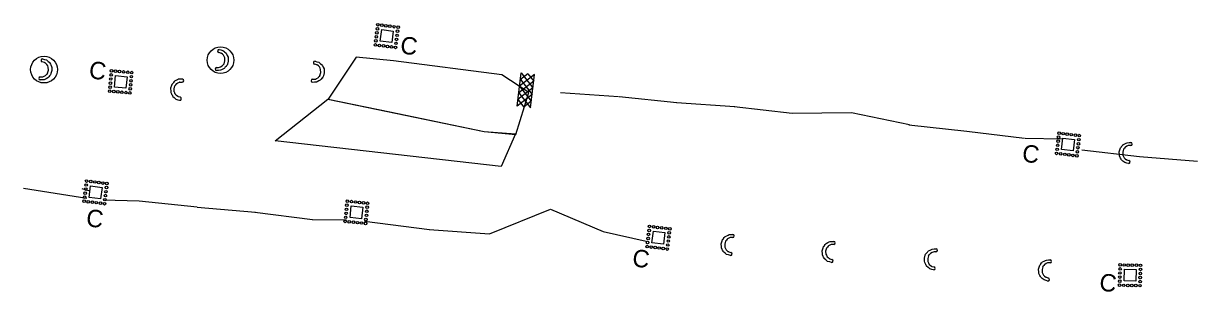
# Model space of a CAD drawing. Extents: x 2470000 to 2520000, y 340000 to 380000.
# Drawn here: x 2480859 to 2481867, y 366051 to 366283 of the extents above; entities that cross this region are included whole.
import ezdxf

# ---------------------------------------------------------------- set-up
doc = ezdxf.new("R2010")
doc.units = 0
for name, color, linetype in [('Bare Soil (Coastal) Drainage Area Border FG Drainage', 7, 'Continuous'), ('Coir Fiber Wattle with PAM Both CELL', 7, 'Continuous'), ('Coir Fiber Wattle with PAM CG CELL', 7, 'Continuous'), ('Label C CG CELL', 7, 'Continuous'), ('Prop Guardrail Anchor Unit CELL', 7, 'Continuous'), ('Prop Structure Anchor Unit CELL', 7, 'Continuous'), ('Rock Inlet Sediment Trap Type C CG CELL', 7, 'Continuous'), ('Rock Silt Check Type A Both CELL', 7, 'Continuous'), ('Scratch_Level_5', 7, 'Continuous'), ('Sheet Data Field CELL', 7, 'Continuous'), ('Wattle Both CELL', 7, 'Continuous'), ('Wattle CG CELL', 7, 'Continuous')]:
    doc.layers.add(name, color=color, linetype=linetype)

# ---------------------------------------------------------------- blocks, each defined once
blk = doc.blocks.new('C2')
at = {"layer": 'Prop Guardrail Anchor Unit CELL'}
blk.add_text('C', height=0.3, dxfattribs=at).set_placement((-0.161, -0.136))
blk = doc.blocks.new('C1')
at = {"layer": 'Label C CG CELL'}
blk.add_text('C', height=0.3, dxfattribs=at).set_placement((-0.161, -0.136))

msp = doc.modelspace()

# ---------------------------------------------------------------- linework, layer by layer
at = {"layer": 'Bare Soil (Coastal) Drainage Area Border FG Drainage'}
for points in [[(2481144.5, 366253.7), (2481120.5, 366217.8), (2481173.6, 366206.7), (2481254.6, 366189.8), (2481281.6, 366187.4), (2481292.9, 366223.5), (2481269.6, 366238.6), (2481176.7, 366250.7)], [(2481281.4, 366187.9), (2481269.1, 366159.6), (2481074.9, 366181.9), (2481120.2, 366217.8), (2481254.6, 366189.8)]]:
    msp.add_lwpolyline(points, close=True, dxfattribs=at)
at = {"layer": 'Coir Fiber Wattle with PAM Both CELL'}
for p, q in [((2481028.4, 366257.3), (2481026.6, 366257.9)), ((2481028.4, 366257.3), (2481028.7, 366257.2)), ((2481029.8, 366256.3), (2481028.7, 366257.2)), ((2481030.6, 366255.6), (2481029.8, 366256.3)), ((2481028.2, 366245.5), (2481029.5, 366246.2)), ((2481029.6, 366246.4), (2481029.5, 366246.2)), ((2481029.6, 366246.4), (2481030.3, 366247.2)), ((2481031.1, 366248.2), (2481030.3, 366247.2)), ((2481031.2, 366254.3), (2481030.6, 366255.6)), ((2481031.1, 366248.2), (2481031.8, 366250.7)), ((2481031.7, 366253.2), (2481031.2, 366254.3)), ((2481031.8, 366250.7), (2481031.7, 366253.2)), ((2481031.8, 366250.7), (2481031.8, 366250.7)), ((2481024.8, 366244.9), (2481026.4, 366245)), ((2481026.4, 366245), (2481027.2, 366245.1)), ((2481027.2, 366245.1), (2481028.2, 366245.5))]:
    msp.add_line(p, q, dxfattribs=at)
msp.add_lwpolyline([(2481026.9, 366260.5), (2481028.4, 366260), (2481030.1, 366259.5), (2481030.8, 366259), (2481031.6, 366258.3), (2481032.9, 366257.2), (2481033, 366257.1), (2481033.2, 366256.8), (2481033.2, 366256.7), (2481033.6, 366255.8), (2481033.9, 366255.2), (2481034.6, 366253.9), (2481034.6, 366252.9), (2481034.8, 366250.3), (2481034.8, 366250.3), (2481034, 366247.8), (2481033.7, 366246.8), (2481032.9, 366246), (2481032.8, 366245.8), (2481032.2, 366245.1), (2481031.7, 366244.5), (2481031.6, 366244.4), (2481031.3, 366244.1), (2481031.3, 366244.1), (2481030, 366243.4), (2481028.8, 366242.8), (2481028, 366242.5), (2481026.3, 366242.4), (2481024.7, 366242.3)], dxfattribs=at)
msp.add_circle((2481028.1, 366251.2), 11.5, dxfattribs=at)
for centre, radius, start in [((2481026.8, 366259.2), 1.3, 83.0023), ((2481024.9, 366243.6), 1.33, 91.8897)]:
    msp.add_arc(centre, radius, start, 263.0023, dxfattribs=at)
at = {"layer": 'Coir Fiber Wattle with PAM CG CELL'}
for p, q in [((2480876.8, 366249.2), (2480875, 366249.8)), ((2480876.8, 366249.2), (2480877.1, 366249.1)), ((2480878.3, 366248.2), (2480877.1, 366249.1)), ((2480879, 366247.5), (2480878.3, 366248.2)), ((2480879.7, 366246.2), (2480879, 366247.5)), ((2480880.2, 366245.1), (2480879.7, 366246.2)), ((2480873.3, 366236.8), (2480874.8, 366236.9)), ((2480874.8, 366236.9), (2480875.6, 366237)), ((2480875.6, 366237), (2480876.6, 366237.4)), ((2480876.6, 366237.4), (2480877.9, 366238.1)), ((2480878.1, 366238.3), (2480877.9, 366238.1)), ((2480878.1, 366238.3), (2480878.8, 366239.1)), ((2480879.5, 366240.1), (2480878.8, 366239.1)), ((2480879.5, 366240.1), (2480880.3, 366242.6)), ((2480880.3, 366242.6), (2480880.2, 366245.1)), ((2480880.3, 366242.6), (2480880.3, 366242.6))]:
    msp.add_line(p, q, dxfattribs=at)
msp.add_lwpolyline([(2480875.3, 366252.4), (2480876.8, 366251.9), (2480878.6, 366251.4), (2480879.2, 366250.9), (2480880, 366250.2), (2480881.4, 366249.1), (2480881.4, 366249.1), (2480881.6, 366248.7), (2480881.6, 366248.6), (2480882, 366247.7), (2480882.3, 366247.1), (2480883, 366245.8), (2480883.1, 366244.8), (2480883.2, 366242.2), (2480883.2, 366242.2), (2480882.4, 366239.7), (2480882.1, 366238.7), (2480881.4, 366237.9), (2480881.2, 366237.7), (2480880.6, 366237), (2480880.1, 366236.4), (2480880, 366236.3), (2480879.8, 366236), (2480879.8, 366236), (2480878.4, 366235.3), (2480877.2, 366234.7), (2480876.5, 366234.4), (2480874.7, 366234.3), (2480873.2, 366234.2)], dxfattribs=at)
msp.add_circle((2480876.5, 366243.1), 11.5, dxfattribs=at)
for centre, radius, start in [((2480875.2, 366251.1), 1.3, 83.0023), ((2480873.3, 366235.5), 1.33, 91.8897)]:
    msp.add_arc(centre, radius, start, 263.0023, dxfattribs=at)
at = {"layer": 'Prop Structure Anchor Unit CELL'}
for points in [[(2481166.5, 366277.5), (2481176.4, 366276.3), (2481175.2, 366266.4), (2481165.2, 366267.6)], [(2481751.6, 366184.2), (2481761.6, 366183), (2481760.3, 366173.1), (2481750.4, 366174.3)], [(2480916.4, 366143), (2480926.3, 366141.8), (2480925.1, 366131.9), (2480915.2, 366133.1)], [(2481140.4, 366125.8), (2481150.3, 366124.8), (2481149.3, 366114.8), (2481139.4, 366115.8)], [(2481399.9, 366104), (2481409.8, 366102.8), (2481408.6, 366092.9), (2481398.6, 366094.1)], [(2481804.2, 366061.3), (2481804.4, 366071.3), (2481814.4, 366071), (2481814.2, 366061)]]:
    msp.add_lwpolyline(points, close=True, dxfattribs=at)
for centre in [(2481162.8, 366278.2), (2481163.2, 366281.7), (2481166.7, 366281.3), (2481170.1, 366280.8), (2481173.6, 366280.4), (2481177.1, 366280), (2481180.1, 366276.1), (2481180.6, 366279.6), (2481161.5, 366267.8), (2481161.9, 366271.3), (2481162.3, 366274.7), (2481178.8, 366265.7), (2481179.3, 366269.1), (2481179.7, 366272.6), (2481161.1, 366264.3), (2481164.5, 366263.9), (2481168, 366263.5), (2481171.5, 366263), (2481174.9, 366262.6), (2481178.4, 366262.2), (2481747.9, 366184.9), (2481748.4, 366188.4), (2481751.8, 366188), (2481755.3, 366187.6), (2481758.8, 366187.1), (2481762.3, 366186.7), (2481765.7, 366186.3), (2481746.7, 366174.5), (2481747.1, 366178), (2481747.5, 366181.5), (2481764.5, 366175.9), (2481764.9, 366179.3), (2481765.3, 366182.8), (2481746.2, 366171), (2481749.7, 366170.6), (2481753.2, 366170.2), (2481756.7, 366169.8), (2481760.1, 366169.3), (2481763.6, 366168.9), (2481764, 366172.4), (2480913.1, 366147.2), (2480916.6, 366146.8), (2480920.1, 366146.4), (2480923.6, 366146), (2480927, 366145.5), (2480930.5, 366145.1), (2480911.9, 366136.8), (2480912.3, 366140.3), (2480912.7, 366143.8), (2480929.2, 366134.7), (2480929.7, 366138.1), (2480930.1, 366141.6), (2480911, 366129.9), (2480911.4, 366133.3), (2480914.5, 366129.4), (2480918, 366129), (2480921.4, 366128.6), (2480924.9, 366128.2), (2480928.4, 366127.7), (2480928.8, 366131.2), (2481136.6, 366126.4), (2481137, 366129.9), (2481140.5, 366129.5), (2481144, 366129.2), (2481147.4, 366128.8), (2481150.9, 366128.5), (2481154.1, 366124.7), (2481154.4, 366128.1), (2481135.6, 366116), (2481135.9, 366119.4), (2481136.3, 366122.9), (2481153, 366114.2), (2481153.4, 366117.7), (2481153.7, 366121.2), (2481135.2, 366112.5), (2481138.7, 366112.1), (2481142.2, 366111.8), (2481145.7, 366111.4), (2481149.2, 366111.1), (2481152.7, 366110.7), (2481396.2, 366104.7), (2481396.6, 366108.2), (2481400.1, 366107.8), (2481403.5, 366107.3), (2481407, 366106.9), (2481410.5, 366106.5), (2481414, 366106.1), (2481394.9, 366094.3), (2481395.3, 366097.8), (2481395.7, 366101.3), (2481412.7, 366095.6), (2481413.1, 366099.1), (2481413.5, 366102.6), (2481394.5, 366090.8), (2481397.9, 366090.4), (2481401.4, 366090), (2481404.9, 366089.6), (2481408.3, 366089.1), (2481411.8, 366088.7), (2481412.2, 366092.2), (2481800.8, 366075.1), (2481804.3, 366075), (2481807.7, 366074.9), (2481811.2, 366074.9), (2481814.7, 366074.8), (2481818.2, 366074.7), (2481800.5, 366064.6), (2481800.7, 366071.6), (2481800.6, 366068.1), (2481818, 366064.2), (2481818.2, 366071.2), (2481818.1, 366067.7), (2481800.3, 366057.6), (2481800.4, 366061.1), (2481803.8, 366057.5), (2481807.3, 366057.4), (2481810.8, 366057.4), (2481814.3, 366057.3), (2481817.8, 366057.2), (2481817.9, 366060.7)]:
    msp.add_circle(centre, 1.12, dxfattribs=at)
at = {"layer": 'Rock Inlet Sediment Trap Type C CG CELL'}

########

Among the records above, find the lines where the word "with" appears and copy them.

Exercise answer:
for name, color, linetype in [('Bare Soil (Coastal) Drainage Area Border FG Drainage', 7, 'Continuous'), ('Coir Fiber Wattle with PAM Both CELL', 7, 'Continuous'), ('Coir Fiber Wattle with PAM CG CELL', 7, 'Continuous'), ('Label C CG CELL', 7, 'Continuous'), ('Prop Guardrail Anchor Unit CELL', 7, 'Continuous'), ('Prop Structure Anchor Unit CELL', 7, 'Continuous'), ('Rock Inlet Sediment Trap Type C CG CELL', 7, 'Continuous'), ('Rock Silt Check Type A Both CELL', 7, 'Continuous'), ('Scratch_Level_5', 7, 'Continuous'), ('Sheet Data Field CELL', 7, 'Continuous'), ('Wattle Both CELL', 7, 'Continuous'), ('Wattle CG CELL', 7, 'Continuous')]:
at = {"layer": 'Coir Fiber Wattle with PAM Both CELL'}
at = {"layer": 'Coir Fiber Wattle with PAM CG CELL'}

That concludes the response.